Indian Summer

Just in time for the season, Kiran Verma touts a sparkly new space and vegetarian tasting menu, along with familiar elegance and grace.

Kirsten Gilliam
IMG_1934
IMG_1934

The afternoon luster of the hammered brass of entry doors set upon a new building at Levy Park — the pulls are fashioned after abstracted Hindi script — suggests this is the gateway to a special place. It is. Once inside, guests are not only greeted by the aroma of ground spices and exotic herbs but also by the chef herself, dressed proudly, as always, in a chef’s uniform and million-dollar smile. Following the shuttering of her former restaurant of 11 years in Highland Village after the property sold, Kiran Verma — or Chef Kiran, as so many know her — is back in action.


The Gensler-designed interior showcases a glitzy barroom to one side, with brassy bar shelves, community-seating areas and a Chai Ginger Collins made with house-infused chai syrup.

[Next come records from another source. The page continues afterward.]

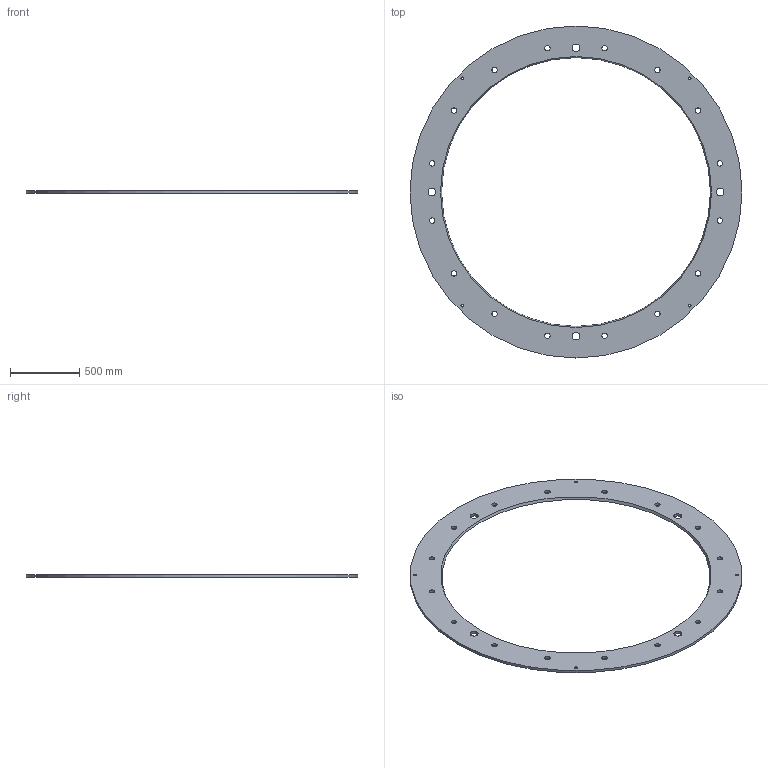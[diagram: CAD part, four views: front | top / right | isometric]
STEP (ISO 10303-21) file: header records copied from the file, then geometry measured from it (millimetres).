
FILE_DESCRIPTION (( 'STEP AP214' ), '1' );
FILE_NAME ('Discharge Pipe #2 Lower Flange.STEP', '2025-01-09T19:43:28', ( '' ), ( '' ), 'SwSTEP 2.0', 'SolidWorks 2024', '' );
FILE_SCHEMA (( 'AUTOMOTIVE_DESIGN' ));
Length unit declared in the file: inch
Products named in the file (1): Discharge Pipe #2 Lower Flange
Bounding box: 2400.3 x 2400.3 x 19.05 mm (x, y, z)
Volume: 28673414.2 mm3; surface area: 3335891.3 mm2
Topology: 1 solids, 1 shells, 28 faces, 78 edges, 52 vertices
Faces by surface type: cylinder 25, plane 2, cone 1
Full cylindrical faces by diameter (mm): 20.638 x4, 38.608 x16, 57.15 x4, 2400.3 x1
Entity records: 931 total; most frequent: DIRECTION 162, CARTESIAN_POINT 133, EDGE_LOOP 104, ORIENTED_EDGE 104, AXIS2_PLACEMENT_3D 81, FACE_OUTER_BOUND 53, EDGE_CURVE 52, CIRCLE 52
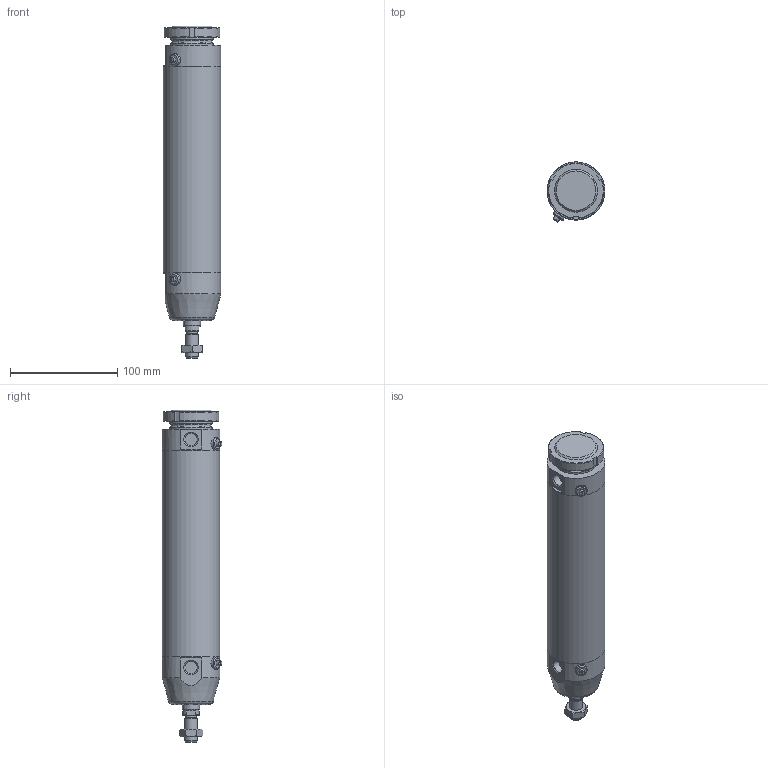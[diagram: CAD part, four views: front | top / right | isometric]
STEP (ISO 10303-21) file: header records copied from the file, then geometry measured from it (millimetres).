
FILE_DESCRIPTION(/* description */ (''),/* implementation_level */ '2;1');
FILE_NAME(/* name */ 'I:\Area Tecnica\Documenti\A-Manieri\_Inventor\12X\12X#B_###_####_#_#\12XBB_050_0150_#_#.stp',/* time_stamp */ '2015-04-28T14:28:50+02:00',/* author */ ('maniean1'),/* organization */ ('Pneumax S.p.A.'),/* preprocessor_version */ 'ST-DEVELOPER v15.2',/* originating_system */ 'Autodesk Inventor 2014',/* authorisation */ '');
FILE_SCHEMA (('AUTOMOTIVE_DESIGN { 1 0 10303 214 3 1 1 }'));
Length unit declared in the file: millimetre
Products named in the file (7): C1250_619-0150; 12X50_614; S12X50_0150; 12X_50_11; 12X50_621; G12X_050_05; 12XBB_050_0150_#_#
Bounding box: 54 x 55.88 x 310 mm (x, y, z)
Volume: 346716.8 mm3; surface area: 113931 mm2
Topology: 6 solids, 6 shells, 98 faces, 217 edges, 140 vertices
Faces by surface type: plane 52, cylinder 24, cone 19, torus 3
Full cylindrical faces by diameter (mm): 5 x2, 10.2 x1, 11 x2, 11.4 x2, 12 x2, 14 x1, 15.6 x1, 16 x1, 38.2 x1, 40 x3, 50 x2, 54 x3
Entity records: 2646 total; most frequent: CARTESIAN_POINT 539, DIRECTION 439, ORIENTED_EDGE 346, AXIS2_PLACEMENT_3D 186, EDGE_CURVE 173, EDGE_LOOP 150, VERTEX_POINT 131, ADVANCED_FACE 98

A curved-glass wine cellar “capsule” divides the lounge and bright, remarkably elegant dining room, where the same abstracted Hindi script pattern reappears on the backlit ceiling.

The menu, notably traditional but expertly prepared and presented in a stylized way, ranges from celebrated street foods like lamb samosas and crispy papadums with house-made fruit chutneys, to heartier courses like the Cornish hen with ginger carrots from the tandoor. (The kitchen has two separate gas-fired tandoors – one for cooking vegetarian-friendly naan and a separate one for cooking meat and seafood.) Texas quail, venison, rack of lamb and bison — but no beef, given that cows are sacred in India — are also on offer.

On this day, like so many others, Chef Kiran is making her rounds visiting with diners and friends, but today she has extra-good news to share. “I’m a grandma!” Fresh from a visit to San Francisco to meet grandson Oscar, she’s even more talkative and jovial than usual. And this is not the only pride-and-joy she’s introducing to the world: She is debuting a new eight-course South Indian sadya vegetarian tasting menu. Think dosa, but not Texas sized, just enough to tickle your taste buds, and a thin cauliflower “carpaccio” over almond chutney.

The flavors of her native India are age-old, but in Chef Kiran’s everything-is-new world order, they have never tasted fresher.

ABOVE: The ‘aloo’ masala-filled dosa, with a cup of ‘sambar’ soup and two chutneys.